Cloud Computing: What’s In It For Me?

24 May Cloud Computing: What’s In It For Me?

cloud_computingThere are more than 1.5 Billion people connected to the Internet today. That’s one quarter of the world’s population. And over the next 5 years it’s estimated that another 1 Billion people will be connected.

All this could easily choke traditional infrastructures. That’s why cloud computing is the technology poised to take the lead with a simpler, more secure and efficient way of doing things.

The Cloud is actually a metaphor to describe the Internet. It means using the Internet for your computing needs. For instance, Google Docs is a cloud computing application, as is SalesForce and AWS (Amazon Web Services.)

Wikipedia describes it like this: 

Cloud computing refers to the provision of computational resources on demand via a computer network, such as applications, databases, file services, email, etc. In the traditional model of computing, both data and software are fully contained on the user’s computer; in cloud computing, the user’s computer may contain almost no software or data (perhaps a minimal operating system and web browser only), serving as little more than a display terminal for processes occurring on a network of computers far away.

To make it even easier to understand; think utilities. It’s similar to the power company that supplies electricity to your home and office. Flip on a switch to turn on a lamp, there’s power. You pay for that power while you use it. The service is scalable. The same holds true with cloud computing.

For a more applicable perspective, let’s look at the different types of website hosting services.

  • Shared hosting provides low cost entry but resources are shared with other users. It’s not scalable.
  • VPS (Virtual Private Server) is more secure and flexible but growth can be restricted because resources are limited.
  • Dedicated Servers provide dedicated resources but entry costs are high.
  • Cloud offers the entry cost of shared hosting, the flexibility of VPS and resource guarantee of the dedicated server. It’s a network of connected servers that offers scalability and optimized performance.

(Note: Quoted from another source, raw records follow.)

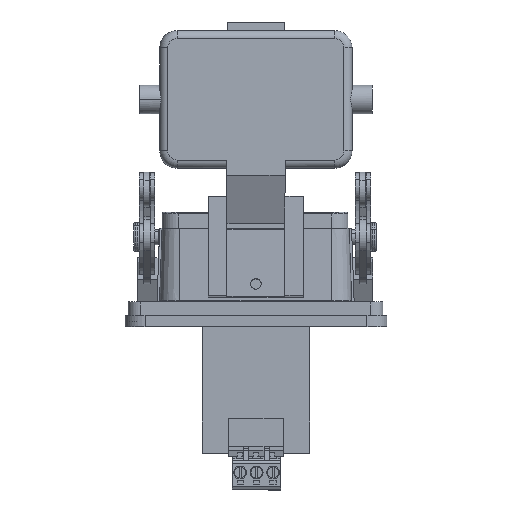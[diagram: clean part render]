
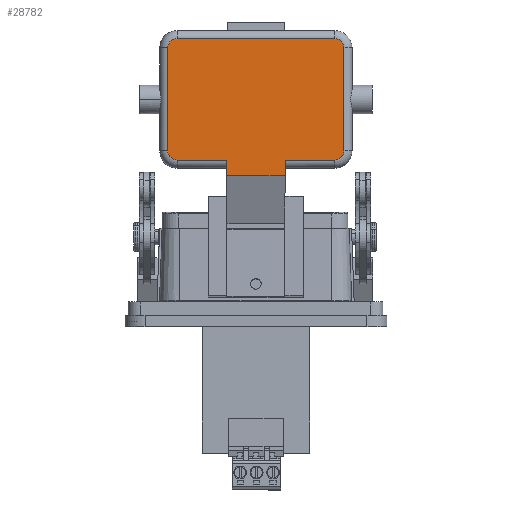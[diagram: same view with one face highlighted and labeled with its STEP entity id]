
A CAD part, front view. The second image highlights one B-rep face of the part: STEP entity #28782.
In plain terms, the highlighted planar face has unit normal (0, -1, 0.008).
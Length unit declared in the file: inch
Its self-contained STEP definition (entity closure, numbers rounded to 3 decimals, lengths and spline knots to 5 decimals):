
#5392 = CARTESIAN_POINT ( 'NONE',  ( 0.36339, -1.82458, 2.01261 ) ) ;
#5620 = CARTESIAN_POINT ( 'NONE',  ( 1.09413, -1.82368, 2.12722 ) ) ;
#5662 = DIRECTION ( 'NONE',  ( 0., 0.008, 1. ) ) ;
#5663 = VECTOR ( 'NONE', #5662, 39.37008 ) ;
#5665 = CARTESIAN_POINT ( 'NONE',  ( -0.36337, -1.84195, -0.19943 ) ) ;
#5666 = LINE ( 'NONE', #5665, #5663 ) ;
#5670 = CARTESIAN_POINT ( 'NONE',  ( 1.09413, -1.81363, 3.40718 ) ) ;
#5929 = CARTESIAN_POINT ( 'NONE',  ( -0.36337, -1.82607, 1.82293 ) ) ;
#6280 = DIRECTION ( 'NONE',  ( -1., 0., 0. ) ) ;
#6282 = DIRECTION ( 'NONE',  ( 0., 1., -0.008 ) ) ;
#6284 = CARTESIAN_POINT ( 'NONE',  ( 0.05973, -1.84195, -0.19943 ) ) ;
#6286 = AXIS2_PLACEMENT_3D ( 'NONE', #6284, #6282, #6280 ) ;
#6290 = PLANE ( 'NONE',  #6286 ) ;
#6320 = FACE_OUTER_BOUND ( 'NONE', #28841, .T. ) ;
#6619 = CARTESIAN_POINT ( 'NONE',  ( 0.36339, -1.82607, 1.82293 ) ) ;
#6621 = DIRECTION ( 'NONE',  ( 1., 0., 0. ) ) ;
#6623 = VECTOR ( 'NONE', #6621, 39.37008 ) ;
#6625 = CARTESIAN_POINT ( 'NONE',  ( 0.05973, -1.82607, 1.82293 ) ) ;
#6627 = LINE ( 'NONE', #6625, #6623 ) ;
#6696 = CARTESIAN_POINT ( 'NONE',  ( 0.97951, -1.81273, 3.5218 ) ) ;
#6717 = DIRECTION ( 'NONE',  ( -1., 0., 0. ) ) ;
#6720 = DIRECTION ( 'NONE',  ( 0., -1., 0.008 ) ) ;
#6722 = CARTESIAN_POINT ( 'NONE',  ( 0.97951, -1.82368, 2.12722 ) ) ;
#6724 = AXIS2_PLACEMENT_3D ( 'NONE', #6722, #6720, #6717 ) ;
#6725 = CIRCLE ( 'NONE', #6724, 0.11462 ) ;
#6728 = DIRECTION ( 'NONE',  ( 0., -0.008, -1. ) ) ;
#6730 = VECTOR ( 'NONE', #6728, 39.37008 ) ;
#6732 = CARTESIAN_POINT ( 'NONE',  ( 0.36339, -1.84195, -0.19943 ) ) ;
#6733 = LINE ( 'NONE', #6732, #6730 ) ;
#6957 = AXIS2_PLACEMENT_3D ( 'NONE', #7085, #7084, #7082 ) ;
#6958 = CIRCLE ( 'NONE', #6957, 0.11462 ) ;
#6963 = CARTESIAN_POINT ( 'NONE',  ( -1.09411, -1.82368, 2.12722 ) ) ;
#6964 = DIRECTION ( 'NONE',  ( 0., -0.008, -1. ) ) ;
#6965 = VECTOR ( 'NONE', #6964, 39.37008 ) ;
#6967 = CARTESIAN_POINT ( 'NONE',  ( -1.09411, -1.84195, -0.19943 ) ) ;
#6968 = LINE ( 'NONE', #6967, #6965 ) ;
#6982 = CARTESIAN_POINT ( 'NONE',  ( -0.97949, -1.81273, 3.5218 ) ) ;
#6983 = DIRECTION ( 'NONE',  ( -1., 0., 0. ) ) ;
#6984 = VECTOR ( 'NONE', #6983, 39.37008 ) ;
#6985 = CARTESIAN_POINT ( 'NONE',  ( 0.05973, -1.81273, 3.5218 ) ) ;
#6986 = LINE ( 'NONE', #6985, #6984 ) ;
#7059 = CARTESIAN_POINT ( 'NONE',  ( -1.09411, -1.81363, 3.40718 ) ) ;
#7060 = DIRECTION ( 'NONE',  ( -1., 0., 0. ) ) ;
#7061 = DIRECTION ( 'NONE',  ( 0., -1., 0.008 ) ) ;
#7062 = CARTESIAN_POINT ( 'NONE',  ( -0.97949, -1.81363, 3.40718 ) ) ;
#7064 = AXIS2_PLACEMENT_3D ( 'NONE', #7062, #7061, #7060 ) ;
#7066 = CIRCLE ( 'NONE', #7064, 0.11462 ) ;
#7073 = DIRECTION ( 'NONE',  ( -1., 0., 0. ) ) ;
#7075 = DIRECTION ( 'NONE',  ( 0., -1., 0.008 ) ) ;
#7076 = CARTESIAN_POINT ( 'NONE',  ( 0.97951, -1.81363, 3.40718 ) ) ;
#7077 = AXIS2_PLACEMENT_3D ( 'NONE', #7076, #7075, #7073 ) ;
#7078 = CIRCLE ( 'NONE', #7077, 0.11462 ) ;
#7082 = DIRECTION ( 'NONE',  ( -1., 0., 0. ) ) ;
#7084 = DIRECTION ( 'NONE',  ( 0., -1., 0.008 ) ) ;
#7085 = CARTESIAN_POINT ( 'NONE',  ( -0.97949, -1.82368, 2.12722 ) ) ;
#28571 = VERTEX_POINT ( 'NONE', #5392 ) ;
#28607 = VERTEX_POINT ( 'NONE', #41033 ) ;
#28609 = EDGE_CURVE ( 'NONE', #28629, #28607, #41031, .T. ) ;
#28629 = VERTEX_POINT ( 'NONE', #41218 ) ;
#28636 = VERTEX_POINT ( 'NONE', #41204 ) ;
#28638 = EDGE_CURVE ( 'NONE', #28571, #28636, #41198, .T. ) ;
#28664 = EDGE_CURVE ( 'NONE', #28673, #28685, #41442, .T. ) ;
#28673 = VERTEX_POINT ( 'NONE', #5620 ) ;
#28685 = VERTEX_POINT ( 'NONE', #5670 ) ;
#28688 = EDGE_CURVE ( 'NONE', #28713, #28607, #5666, .T. ) ;
#28713 = VERTEX_POINT ( 'NONE', #5929 ) ;
#28782 = ADVANCED_FACE ( 'NONE', ( #6320 ), #6290, .F. ) ;
#28841 = EDGE_LOOP ( 'NONE', ( #28842, #28843, #28846, #28848, #28849, #28851, #28852, #28937, #28939, #28932, #28935, #28942 ) ) ;
#28842 = ORIENTED_EDGE ( 'NONE', *, *, #28688, .F. ) ;
#28843 = ORIENTED_EDGE ( 'NONE', *, *, #28844, .T. ) ;
#28844 = EDGE_CURVE ( 'NONE', #28713, #28845, #6627, .T. ) ;
#28845 = VERTEX_POINT ( 'NONE', #6619 ) ;
#28846 = ORIENTED_EDGE ( 'NONE', *, *, #28847, .F. ) ;
#28847 = EDGE_CURVE ( 'NONE', #28571, #28845, #6733, .T. ) ;
#28848 = ORIENTED_EDGE ( 'NONE', *, *, #28638, .T. ) ;
#28849 = ORIENTED_EDGE ( 'NONE', *, *, #28850, .T. ) ;
#28850 = EDGE_CURVE ( 'NONE', #28636, #28673, #6725, .T. ) ;
#28851 = ORIENTED_EDGE ( 'NONE', *, *, #28664, .T. ) ;
#28852 = ORIENTED_EDGE ( 'NONE', *, *, #28938, .T. ) ;
#28859 = VERTEX_POINT ( 'NONE', #6696 ) ;
#28927 = EDGE_CURVE ( 'NONE', #28859, #28928, #6986, .T. ) ;
#28928 = VERTEX_POINT ( 'NONE', #6982 ) ;
#28932 = ORIENTED_EDGE ( 'NONE', *, *, #28933, .T. ) ;
#28933 = EDGE_CURVE ( 'NONE', #28941, #28934, #6968, .T. ) ;
#28934 = VERTEX_POINT ( 'NONE', #6963 ) ;
#28935 = ORIENTED_EDGE ( 'NONE', *, *, #28936, .T. ) ;
#28936 = EDGE_CURVE ( 'NONE', #28934, #28629, #6958, .T. ) ;
#28937 = ORIENTED_EDGE ( 'NONE', *, *, #28927, .T. ) ;
#28938 = EDGE_CURVE ( 'NONE', #28685, #28859, #7078, .T. ) ;
#28939 = ORIENTED_EDGE ( 'NONE', *, *, #28940, .T. ) ;
#28940 = EDGE_CURVE ( 'NONE', #28928, #28941, #7066, .T. ) ;
#28941 = VERTEX_POINT ( 'NONE', #7059 ) ;
#28942 = ORIENTED_EDGE ( 'NONE', *, *, #28609, .T. ) ;
#41031 = LINE ( 'NONE', #41109, #41108 ) ;
#41033 = CARTESIAN_POINT ( 'NONE',  ( -0.36337, -1.82458, 2.01261 ) ) ;
#41107 = DIRECTION ( 'NONE',  ( 1., 0., 0. ) ) ;
#41108 = VECTOR ( 'NONE', #41107, 39.37008 ) ;
#41109 = CARTESIAN_POINT ( 'NONE',  ( -0.36337, -1.82458, 2.01261 ) ) ;
#41192 = DIRECTION ( 'NONE',  ( 1., 0., 0. ) ) ;
#41194 = VECTOR ( 'NONE', #41192, 39.37008 ) ;
#41196 = CARTESIAN_POINT ( 'NONE',  ( 0.97951, -1.82458, 2.01261 ) ) ;
#41198 = LINE ( 'NONE', #41196, #41194 ) ;
#41204 = CARTESIAN_POINT ( 'NONE',  ( 0.97951, -1.82458, 2.01261 ) ) ;
#41218 = CARTESIAN_POINT ( 'NONE',  ( -0.97949, -1.82458, 2.01261 ) ) ;
#41438 = DIRECTION ( 'NONE',  ( 0., 0.008, 1. ) ) ;
#41439 = VECTOR ( 'NONE', #41438, 39.37008 ) ;
#41440 = CARTESIAN_POINT ( 'NONE',  ( 1.09413, -1.81363, 3.40718 ) ) ;
#41442 = LINE ( 'NONE', #41440, #41439 ) ;

With Cloud computing you only pay for what you use, like the power company. You’re not limited to a particular server’s RAM, processing power, storage or bandwidth for your website or apps. In fact, you don’t even need to think about any of that!

Cloud computing lets you use as much or as little computing power as you need. That means no limits on the growth of your site. If your site is currently on shared hosting and you need to upgrade to a dedicated server, you will need to move your site, even if it’s within the same hosting company. If your site is in the cloud, no move is necessary. It will automatically grow with you.

With Cloud Computing, you benefit from cost savings, better security, optimal performance and flexibility.

5 Comments
  • Andrew J. Gay
    Posted at 15:59h, 24 May Reply

    Good info Deb, I don’ think most people actually know what the difference is, or how “being in the cloud” will benefit them. Before long everything will be in the cloud anyways, just like VOIP phones that have pretty much replaced traditional land lines.

  • Rick Cooper
    Posted at 16:32h, 24 May Reply

    I use many Cloud Computing applications and yet it’s hard to feel like your data is entirely secure, protected and available at all times. Sometimes I’ll save a file on GoogleDocs and it does not appear for a few minutes. Where did it go? It eventually shows up.

    I like the comfort of being able to search and locate files on my computer hard drive. And yet, as Andrew says, everything is going to the Cloud. Sometimes we need to have a little trust and faith (as well as a backup plan.)

    • samuel
      Posted at 02:42h, 20 June Reply

      Rick you are right, sometimes we need to have faith. Like in everything else as more and more users move to the cloud, innovative ideas will take over and make cloud secure. Two issues are important concerns according to researchers such as IDC. Security and Continuity of operations should the host fail for some reason. Companies like icube office, solely dedicated to providing cloud services without advertisements etc., have addressed such issues and have given customer managed encryption tools, data management tools for security and continuity of operations.

  • Wendell Willat
    Posted at 16:40h, 24 May Reply

    Great article – easy to understand on a complex subject. Not sure if everything will be in the cloud – e.g. Apple native apps. But the ability to stream live and update/scale in real time is pretty awesome.

  • Sandra McFadin
    Posted at 16:53h, 24 May Reply

    Thank goodness someone explained this! Thank you!